EW: This changes day to day but as a simple answer, the sheer breadth of the things one has to keep a focus on. From making sure all the vehicles are maintained, equipment works, sales are happening, permits are managed, staff is doing what they are supposed to, food is shopped for, etc. More than the jobs of many of my peers there is a broad set of skills one needs to develop in this one. There are days where you pack bearings on trailers, write html code, post on social media, work in quickbooks, sell trips, prep food in the kitchen, drive a shuttle, repair a water filter, talk to the USFS, and work with employees on HR issues, all in an afternoon.

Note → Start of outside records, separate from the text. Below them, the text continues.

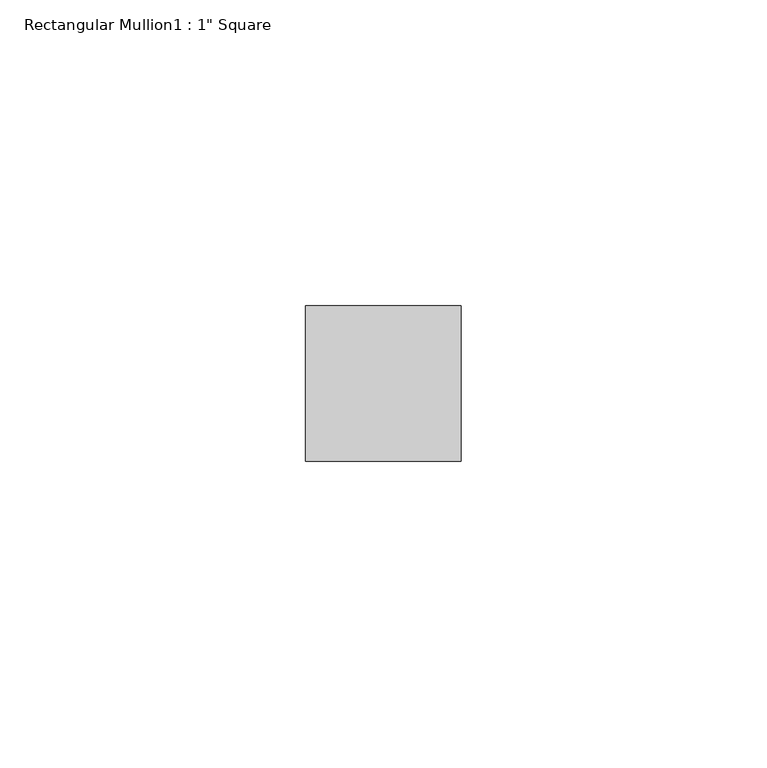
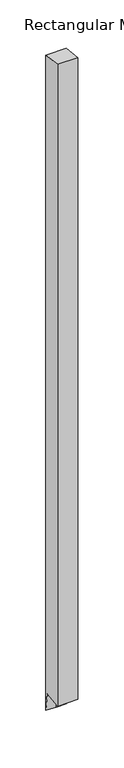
"""IFC4 building model written with IfcOpenShell, lengths in millimetres: member geometry."""

from ifc_helpers import new_model, si_unit, origin, place, context, project, spatial, faceted_brep, source, transform, mapped, element, save


def member_b6f680d5(model_context):
    return source(origin(), model_context, "Body", "Brep", [
        faceted_brep([(-12.7, -19.05, 2.4841126), (12.7, -19.05, 2.4841126), (12.7, -19.05, -867.4148084), (0.0, -19.05, -867.4148084), (-12.7, -19.05, -867.4148084), (-12.7, -44.45, 5.7962627), (-12.7, -22.1744172, -843.4544818), (-12.7, -44.45, -846.3592091), (12.7, -44.45, 5.7962627), (0.0, -44.45, -846.3592091), (12.7, -44.45, -846.3592091), (12.7, -22.1744172, -843.4544818), (0.0, -22.1744172, -843.4544818)], [[[0, 1, 2, 3, 4]], [[5, 0, 4, 6, 7]], [[8, 5, 7, 9, 10]], [[1, 8, 10, 11, 2]], [[1, 0, 5, 8]], [[2, 11, 12, 3]], [[11, 10, 9, 12]], [[9, 7, 6, 12]], [[6, 4, 3, 12]]]),
    ])


if __name__ == "__main__":
    model = new_model("IFC4")
    model_context = context("Model", 3, world=origin())
    ifc_project = project(units=[si_unit("LENGTHUNIT", "METRE", prefix="MILLI")], contexts=[model_context])
    site = spatial("IfcSite", under=ifc_project)
    building = spatial("IfcBuilding", under=site)
    placement = place(None, origin())
    member_shape = member_b6f680d5(model_context)
    element("IfcMember", 1, ObjectType="Rectangular Mullion1 : 1\" Square", at=placement, inside=building, context=model_context, shape_type="MappedRepresentation", body=[
        mapped(member_shape, transform((0.0, 0.0, 0.0), x_axis=(1.0, 0.0, 0.0), y_axis=(0.0, 1.0, 0.0), z_axis=(0.0, 0.0, 1.0))),
    ])
    save(model, "model.ifc")

How do you set up your business to support the health and strength of your guides?
ZC: The biggest thing I’ve done is to make the job as easy as possible for our guides. That means trucks that don’t break, equipment that doesn’t break, a great warehouse, easy systems, and no promises to guests that are hard to fulfill or that we can’t keep. I work hard to make sure our guides aren’t overworked.
RE: I support Redside and just be the ole man anyone can talk to. But I don't give much advice, just listening is the best sometimes.
EW: Ultimately I can tell you what we are trying to do but our guides would really be the ones to answer the question of if we actually are doing it. I would say we are trying to a couple things specifically.
1) We create an environment where everyone’s unique talents are appreciated and everyone feels like they can be successful in one way or another, 2) We design training systems where everyone feels they have the skills they need to confidently do their jobs consistently and to thrive at them and 3) We design ongoing internal training that helps people know the expectations of the company and their roles, as knowing expectations allows for confident execution.
What is the best advice you received when beginning to outfit?
ZC: Dick Linford and Joe Daly were my mentors and I was lucky to get a lot great advice from them. Dick’s best advice was “anybody can run a good trip, but not everyone can sell trips."
RE: That would be a book! My favorite though is, “It’s a great life if you don't weaken.”
EW: Do right by your people. We are in the business of hospitality and your employees are in the business of hospitality. Your employees treatment of their guests are ultimately somewhat of a reflection of the outfitters treatment of the employees.